About this task –
Among the entries below, one line contains "#6728=EDGE_LOOP('',(#18964,#18965,#18966,#18967));" and another contains "#25486=EDGE_CURVE('',#21806,#21805,#26488,.T.);". Transcribe those two lines and every line between them, exactly.

Dataset excerpts:
┌────────

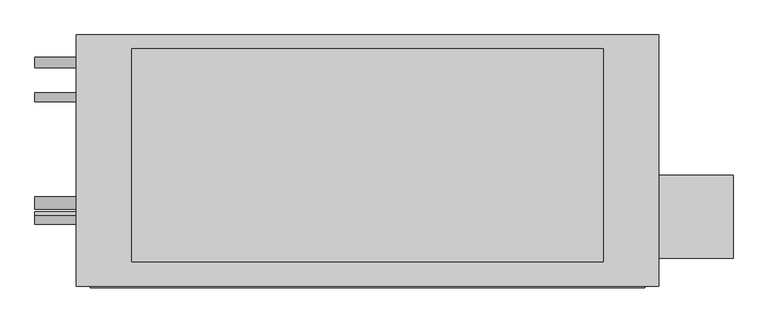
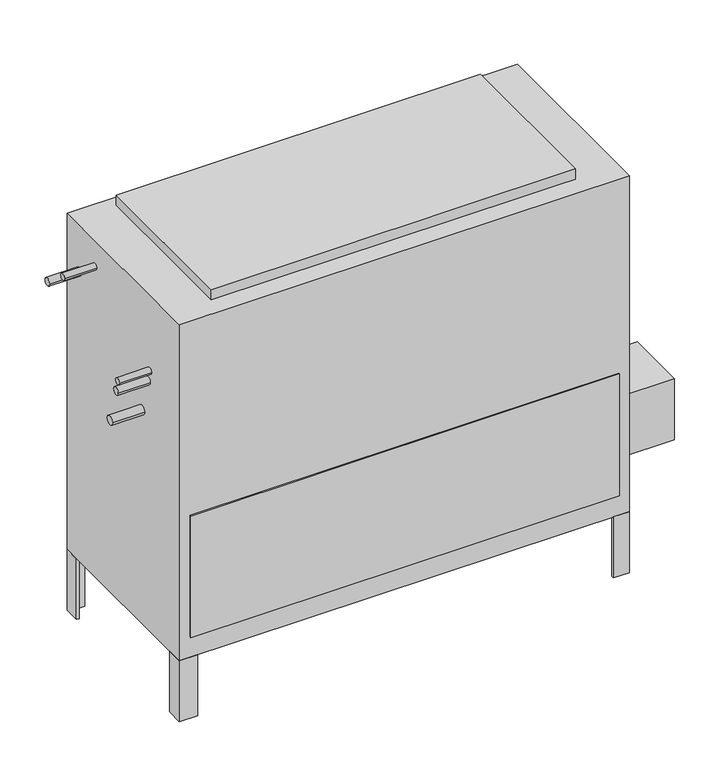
"""IFC4 building model written with IfcOpenShell, lengths in millimetres: proxy geometry, Concealed_High_Capacity_Vertical_Fan_Coil_Unit_-_42DDA_-_CARRIER_-_4-Pipe_LH_2022 : Size 14 - 277v/60Hz/1Ph - 4/2 Coil."""

from ifc_helpers import new_model, si_unit, point, frame, frame_2d, origin, origin_with_axes, place, context, project, spatial, polyline, circle_curve, trimmed, segment, composite_curve, outline, extrude, source, transform, mapped, element, save


def mechanical_equipment_6a2da01b(model_context):
    return source(origin(), model_context, "Body", "SweptSolid", [
        extrude(outline(polyline([(822.325, -265.1125), (822.325, -417.5125), (685.8, -417.5125), (685.8, -265.1125), (822.325, -265.1125)])), frame((0.0, 0.0, 101.6), z_axis=(0.0, 0.0, 1.0), x_axis=(1.0, 0.0, 0.0)), (0.0, 0.0, 1.0), 152.4),
        extrude(outline(polyline([(685.8, -46.0375), (679.45, -46.0375), (679.45, -14.2875), (647.7, -14.2875), (647.7, -7.9375), (685.8, -7.9375), (685.8, -46.0375)])), frame((0.0, 0.0, -152.4), z_axis=(0.0, 0.0, 1.0), x_axis=(1.0, 0.0, 0.0)), (0.0, 0.0, 1.0), 152.4),
        extrude(outline(polyline([(-342.9, -7.9375), (-342.9, -14.2875), (-374.65, -14.2875), (-374.65, -46.0375), (-381.0, -46.0375), (-381.0, -7.9375), (-342.9, -7.9375)])), frame((0.0, 0.0, -152.4), z_axis=(0.0, 0.0, 1.0), x_axis=(1.0, 0.0, 0.0)), (0.0, 0.0, 1.0), 152.4),
        extrude(outline(polyline([(647.7, -468.3125), (647.7, -461.9625), (679.45, -461.9625), (679.45, -430.2125), (685.8, -430.2125), (685.8, -468.3125), (647.7, -468.3125)])), frame((0.0, 0.0, -152.4), z_axis=(0.0, 0.0, 1.0), x_axis=(1.0, 0.0, 0.0)), (0.0, 0.0, 1.0), 152.4),
        extrude(outline(polyline([(-381.0, -428.1199163), (-374.65, -428.1199163), (-374.65, -461.9625), (-337.5318533, -461.9625), (-337.5318533, -468.3125), (-381.0, -468.3125), (-381.0, -428.1199163)])), frame((0.0, 0.0, -152.4), z_axis=(0.0, 0.0, 1.0), x_axis=(1.0, 0.0, 0.0)), (0.0, 0.0, 1.0), 152.4),
        extrude(outline(polyline([(584.2, -33.3375), (584.2, -423.8625), (-279.4, -423.8625), (-279.4, -33.3375), (584.2, -33.3375)])), frame((0.0, 0.0, 841.375), z_axis=(0.0, 0.0, 1.0), x_axis=(1.0, 0.0, 0.0)), (0.0, 0.0, 1.0), 25.4),
        extrude(outline(polyline([(660.4, -471.4875), (-355.6, -471.4875), (-355.6, -468.3125), (660.4, -468.3125), (660.4, -471.4875)])), frame((0.0, 0.0, 50.8), z_axis=(0.0, 0.0, 1.0), x_axis=(1.0, 0.0, 0.0)), (0.0, 0.0, 1.0), 304.8),
        extrude(outline(composite_curve([segment(trimmed(circle_curve(frame_2d((-122.2375, 777.875)), 7.9375), [point((-130.175, 777.875))], [point((-114.3, 777.875))], False, "CARTESIAN"), True, "CONTINUOUS"), segment(trimmed(circle_curve(frame_2d((-122.2375, 777.875)), 7.9375), [point((-114.3, 777.875))], [point((-130.175, 777.875))], False, "CARTESIAN"), True, "CONTINUOUS")], self_intersect=False)), frame((-457.2, 0.0, 0.0), z_axis=(1.0, 0.0, 0.0), x_axis=(0.0, 1.0, 0.0)), (0.0, 0.0, 1.0), 76.2),
        extrude(outline(composite_curve([segment(trimmed(circle_curve(frame_2d((-347.3848135, 653.2230057)), 7.9375), [point((-355.3223135, 653.2230057))], [point((-339.4473135, 653.2230057))], False, "CARTESIAN"), True, "CONTINUOUS"), segment(trimmed(circle_curve(frame_2d((-347.3848135, 653.2230057)), 7.9375), [point((-339.4473135, 653.2230057))], [point((-355.3223135, 653.2230057))], False, "CARTESIAN"), True, "CONTINUOUS")], self_intersect=False)), frame((-457.2, 0.0, 0.0), z_axis=(1.0, 0.0, 0.0), x_axis=(0.0, 1.0, 0.0)), (0.0, 0.0, 1.0), 76.2),
        extrude(outline(composite_curve([segment(trimmed(circle_curve(frame_2d((-58.7375, 727.075)), 9.525), [point((-68.2625, 727.075))], [point((-49.2125, 727.075))], False, "CARTESIAN"), True, "CONTINUOUS"), segment(trimmed(circle_curve(frame_2d((-58.7375, 727.075)), 9.525), [point((-49.2125, 727.075))], [point((-68.2625, 727.075))], False, "CARTESIAN"), True, "CONTINUOUS")], self_intersect=False)), frame((-457.2, 0.0, 0.0), z_axis=(1.0, 0.0, 0.0), x_axis=(0.0, 1.0, 0.0)), (0.0, 0.0, 1.0), 76.2),
        extrude(outline(composite_curve([segment(trimmed(circle_curve(frame_2d((-341.3125, 625.475)), 9.525), [point((-350.8375, 625.475))], [point((-331.7875, 625.475))], False, "CARTESIAN"), True, "CONTINUOUS"), segment(trimmed(circle_curve(frame_2d((-341.3125, 625.475)), 9.525), [point((-331.7875, 625.475))], [point((-350.8375, 625.475))], False, "CARTESIAN"), True, "CONTINUOUS")], self_intersect=False)), frame((-457.2, 0.0, 0.0), z_axis=(1.0, 0.0, 0.0), x_axis=(0.0, 1.0, 0.0)), (0.0, 0.0, 1.0), 76.2),
        extrude(outline(composite_curve([segment(trimmed(circle_curve(frame_2d((-315.9125, 536.575)), 11.1125), [point((-327.025, 536.575))], [point((-304.8, 536.575))], False, "CARTESIAN"), True, "CONTINUOUS"), segment(trimmed(circle_curve(frame_2d((-315.9125, 536.575)), 11.1125), [point((-304.8, 536.575))], [point((-327.025, 536.575))], False, "CARTESIAN"), True, "CONTINUOUS")], self_intersect=False)), frame((-457.2, 0.0, 0.0), z_axis=(1.0, 0.0, 0.0), x_axis=(0.0, 1.0, 0.0)), (0.0, 0.0, 1.0), 76.2),
        extrude(outline(polyline([(685.8, -7.9375), (685.8, -468.3125), (-381.0, -468.3125), (-381.0, -7.9375), (685.8, -7.9375)])), origin_with_axes(), (0.0, 0.0, 1.0), 841.375),
    ])


if __name__ == "__main__":
    model = new_model("IFC4")
    model_context = context("Model", 3, world=origin())
    ifc_project = project(units=[si_unit("LENGTHUNIT", "METRE", prefix="MILLI")], contexts=[model_context])
    site = spatial("IfcSite", under=ifc_project)
    building = spatial("IfcBuilding", under=site)
    placement = place(None, origin())
    mechanical_equipment_shape = mechanical_equipment_6a2da01b(model_context)
    element("IfcBuildingElementProxy", 1, Name="Concealed_High_Capacity_Vertical_Fan_Coil_Unit_-_42DDA_-_CARRIER_-_4-Pipe_LH_2022 : Size 14 - 277v/60Hz/1Ph - 4/2 Coil", ObjectType="Concealed_High_Capacity_Vertical_Fan_Coil_Unit_-_42DDA_-_CARRIER_-_4-Pipe_LH_2022 : Size 14 - 277v/60Hz/1Ph - 4/2 Coil", at=placement, inside=building, context=model_context, shape_type="MappedRepresentation", body=[
        mapped(mechanical_equipment_shape, transform((0.0, 0.0, 0.0), x_axis=(1.0, 0.0, 0.0), y_axis=(0.0, 1.0, 0.0), z_axis=(0.0, 0.0, 1.0))),
    ])
    save(model, "model.ifc")
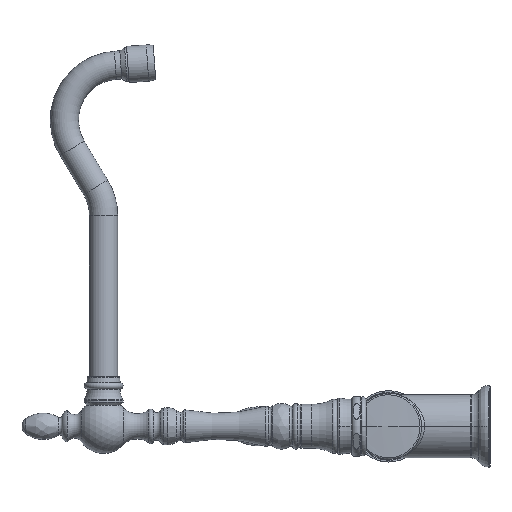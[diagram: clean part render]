
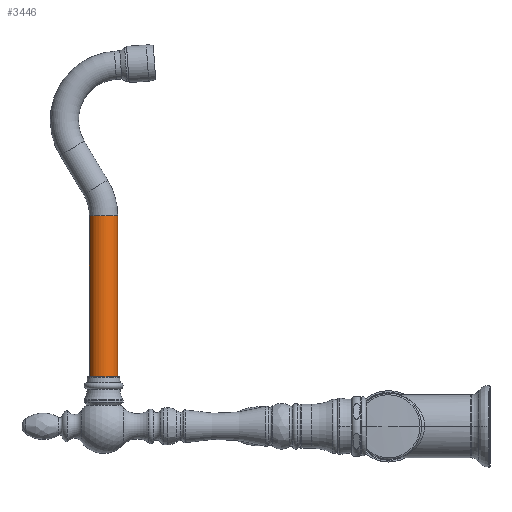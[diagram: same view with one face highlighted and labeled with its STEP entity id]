
A CAD part, left-side view. The second image highlights one B-rep face of the part: STEP entity #3446.
In plain terms, the highlighted cylindrical face has radius 9 mm (diameter 18 mm), a partial arc.
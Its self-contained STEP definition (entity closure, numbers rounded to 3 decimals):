
#3446=ADVANCED_FACE('',(#5127),#3772,.T.);
#3772=CYLINDRICAL_SURFACE('',#28645,9.);
#5127=FACE_OUTER_BOUND('',#6728,.T.);
#6728=EDGE_LOOP('',(#18964,#18965,#18966,#18967));
#9292=LINE('',#50403,#11863);
#9293=LINE('',#50407,#11864);
#11863=VECTOR('',#35371,1.);
#11864=VECTOR('',#35374,1.);
#18964=ORIENTED_EDGE('',*,*,#25487,.T.);
#18965=ORIENTED_EDGE('',*,*,#25488,.F.);
#18966=ORIENTED_EDGE('',*,*,#25489,.F.);
#18967=ORIENTED_EDGE('',*,*,#25486,.T.);
#21805=VERTEX_POINT('',#50399);
#21806=VERTEX_POINT('',#50400);
#21807=VERTEX_POINT('',#50404);
#21808=VERTEX_POINT('',#50406);
#25486=EDGE_CURVE('',#21806,#21805,#26488,.T.);
#25487=EDGE_CURVE('',#21805,#21807,#9292,.T.);
#25488=EDGE_CURVE('',#21808,#21807,#26489,.T.);
#25489=EDGE_CURVE('',#21806,#21808,#9293,.T.);
#26488=CIRCLE('',#28642,9.);
#26489=CIRCLE('',#28644,9.);
#28642=AXIS2_PLACEMENT_3D('',#50401,#35367,#35368);
#28644=AXIS2_PLACEMENT_3D('',#50405,#35372,#35373);
#28645=AXIS2_PLACEMENT_3D('',#50408,#35375,#35376);
#35367=DIRECTION('',(0.,0.,1.));
#35368=DIRECTION('',(0.,1.,0.));
#35371=DIRECTION('',(0.,0.,1.));
#35372=DIRECTION('',(0.,0.,1.));
#35373=DIRECTION('',(0.,1.,0.));
#35374=DIRECTION('',(0.,0.,1.));
#35375=DIRECTION('',(0.,0.,1.));
#35376=DIRECTION('',(0.,-1.,0.));
#50399=CARTESIAN_POINT('',(-6.5,172.7,17.));
#50400=CARTESIAN_POINT('',(-6.5,190.7,17.));
#50401=CARTESIAN_POINT('',(-6.5,181.7,17.));
#50403=CARTESIAN_POINT('',(-6.5,172.7,17.));
#50404=CARTESIAN_POINT('',(-6.5,172.7,134.265));
#50405=CARTESIAN_POINT('',(-6.5,181.7,134.265));
#50406=CARTESIAN_POINT('',(-6.5,190.7,134.265));
#50407=CARTESIAN_POINT('',(-6.5,190.7,17.));
#50408=CARTESIAN_POINT('',(-6.5,181.7,17.));

└────────

Result of the task –
#6728=EDGE_LOOP('',(#18964,#18965,#18966,#18967));
#9292=LINE('',#50403,#11863);
#9293=LINE('',#50407,#11864);
#11863=VECTOR('',#35371,1.);
#11864=VECTOR('',#35374,1.);
#18964=ORIENTED_EDGE('',*,*,#25487,.T.);
#18965=ORIENTED_EDGE('',*,*,#25488,.F.);
#18966=ORIENTED_EDGE('',*,*,#25489,.F.);
#18967=ORIENTED_EDGE('',*,*,#25486,.T.);
#21805=VERTEX_POINT('',#50399);
#21806=VERTEX_POINT('',#50400);
#21807=VERTEX_POINT('',#50404);
#21808=VERTEX_POINT('',#50406);
#25486=EDGE_CURVE('',#21806,#21805,#26488,.T.);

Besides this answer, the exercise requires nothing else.